DEGENERAÇÃO HIALINA INTRACELULAR Nas DH intracelulares, encontramos a substância hialina no interior das células, sob a forma de pequeninos grânulos acidófilos, homogêneos ou na forma de aglomerados irregulares, resultando da coagulação de parte de proteínas citoplasmáticas e por isso representando grave alteração da célula.

• Degeneração hialina goticular: caracterizada pelo aumento de numerosas gotículas hialinias refrateis (geralmente menores do que o núcleo ou uma hemácia) no citoplasma de células dos túbulos contornados do rim. Isso acontece porque as proteínas que passam pelos glomérulos em processo patológios (como nas síndromes nefróticas) são pinocitadas pela célula tubular e se unem aos lisossomos formando um fagolisossomo, que é visto sob a forma de uma gotícula hialina ao microscópio.

• Corpúsculo de Russell: são corpúsculos hialinos esféricos em células localizadas na proximidade de certos cânceres. Sabe-se que as células que contém estes corpúsculos são os plasmócitos que podem fazer parte da reação inflamatória aparecendo sobretudo nos processos inflamatórios crônicos em que há prolongada estimulação antigênica. A substância hialina corresponde a imunoglobulinas (principalmente IgG) hiperproduzidas e não-excretadas por estas células, que se cristaliza no citoplasma dos plasmócitos no interior do retículo endoplasmático.

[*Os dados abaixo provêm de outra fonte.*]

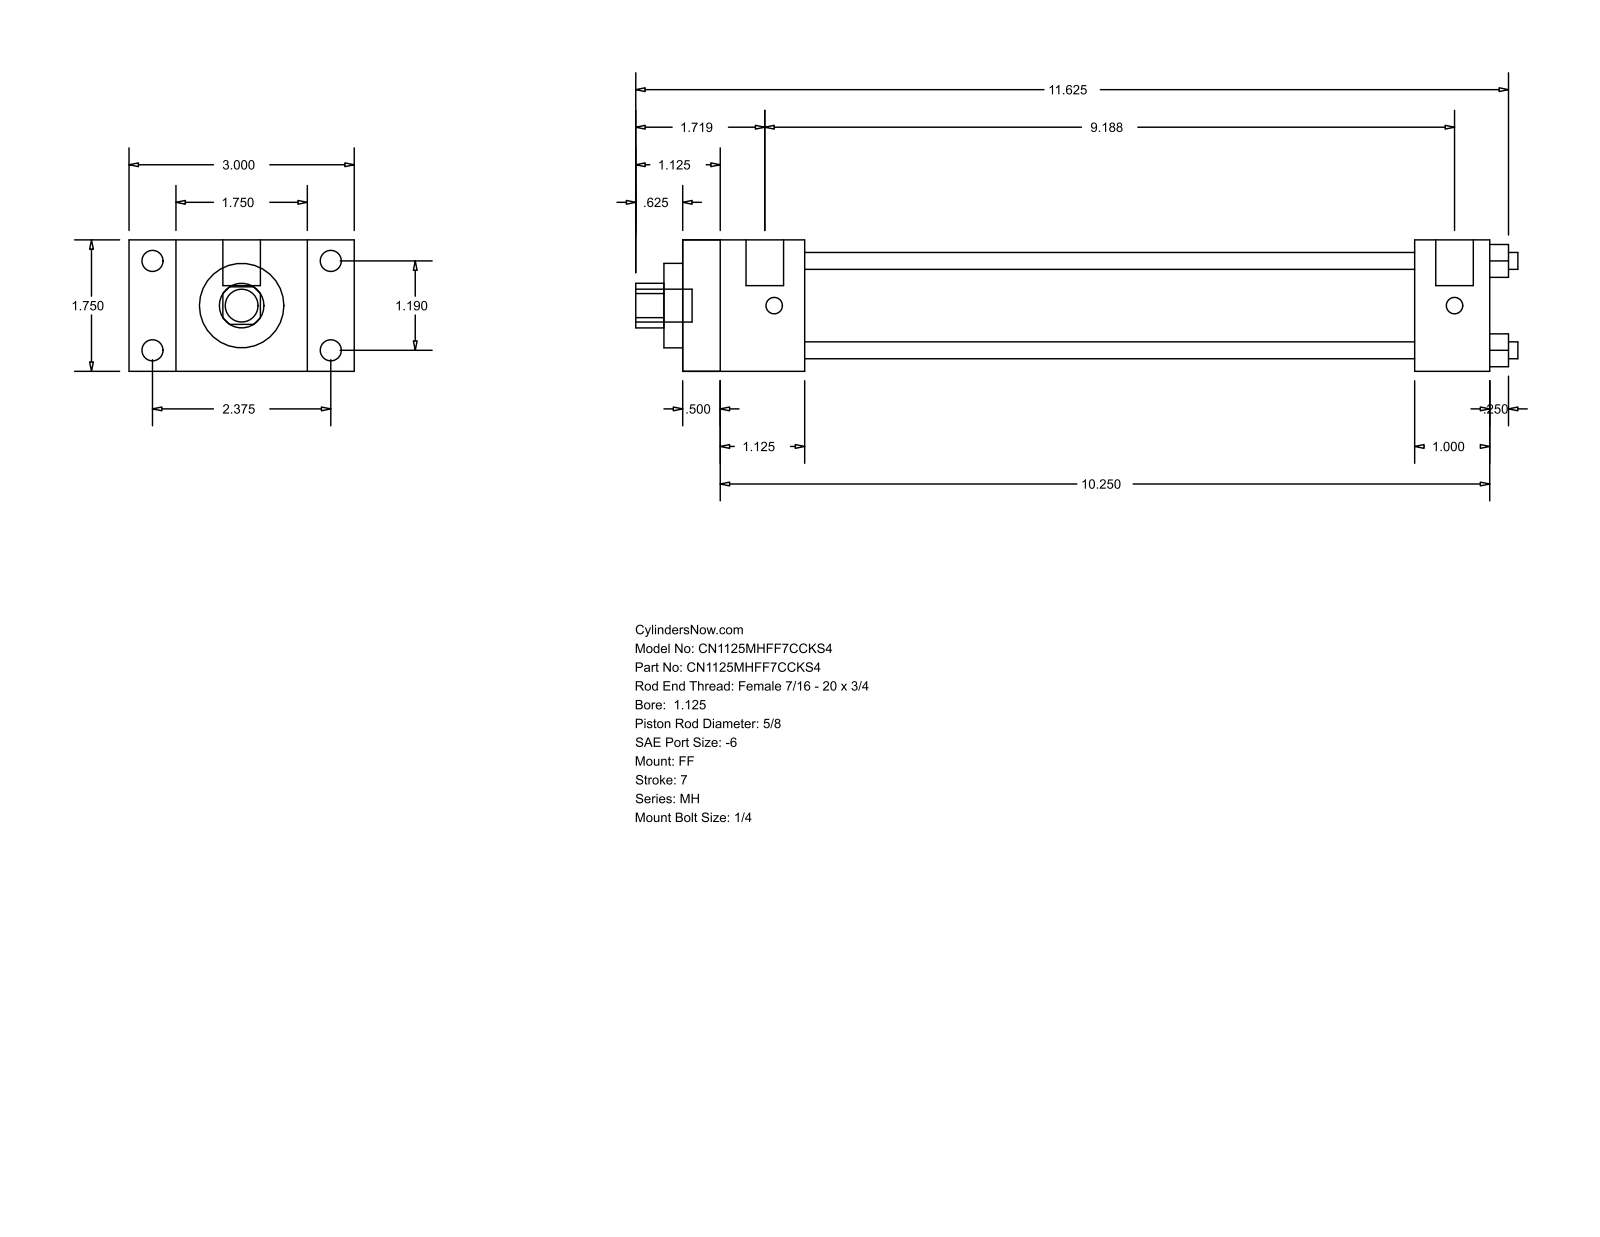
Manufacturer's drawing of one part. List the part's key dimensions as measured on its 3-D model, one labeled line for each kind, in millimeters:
Part name (STEP PRODUCT): MH_FF__0112_0.625
STEP written by: GSSL Pune (CONFIG_CONTROL_DESIGN)
Units: millimetres
Bodies: 0 solids, 92 faces (64 planar, 28 cylindrical, 0 other)
Overall size (bounding box): 298.45 × 76.2 × 44.45
Round holes (diameter × count): ⌀5.71 ×4, ⌀15.88 ×1, ⌀28.57 ×1, ⌀34.92 ×1
Round bosses / shafts (diameter × count): ⌀7.14 ×4, ⌀5.56 ×4, ⌀12.7 ×2, ⌀11.11 ×1
Partial cylindrical surfaces — rounded edges, fillets, slot ends (radius × count): R7.54 ×1
Main face-to-face distances: 44.46, 273.05, 12.69, 260.36, 15.87, 60.33, 28.58, 41.27, 247.64, 234.95
Hole centre spacings: 21.37, 30.22, 42.74

• Corpúsculos de Councilman-Rocha-Lima: nas doenças hepáticas virais (como as hepatites por vírus A ou B e na febre amarela), os hepatócitos podem entrar em apoptose e aparecerem diminuídos com citoplasma hialino (com organelas diminuídas por destruição apoptótica), soltos da trabécula e com núcleos, picnóticos, fragmentados ou ausentes. Estas verdadeiras “múmias” celulares, refringentes e vermelhas, são os corpúsculos de Councilman-Rocha-Lima.

• Degeneração hialina de Mallory: os hepatócitos acometidos apresentam no citoplasma massas hialinas grumosas de tamanho e formas diferentes com bordas irregulares floconosas ou filamentosas. É mais comum na cirrose hepática alcoólica. A DH de Mallory corresponde basicamente a filamentos paralelos de disposição irregular e tamanhos diferentes. Isso ocorre porque os produtos metabólicos do álcool atingem estruturas da mitocôndria, dos microtúbulos e microfilamentos (que formam os filamentos irregulares citoplasmáticos).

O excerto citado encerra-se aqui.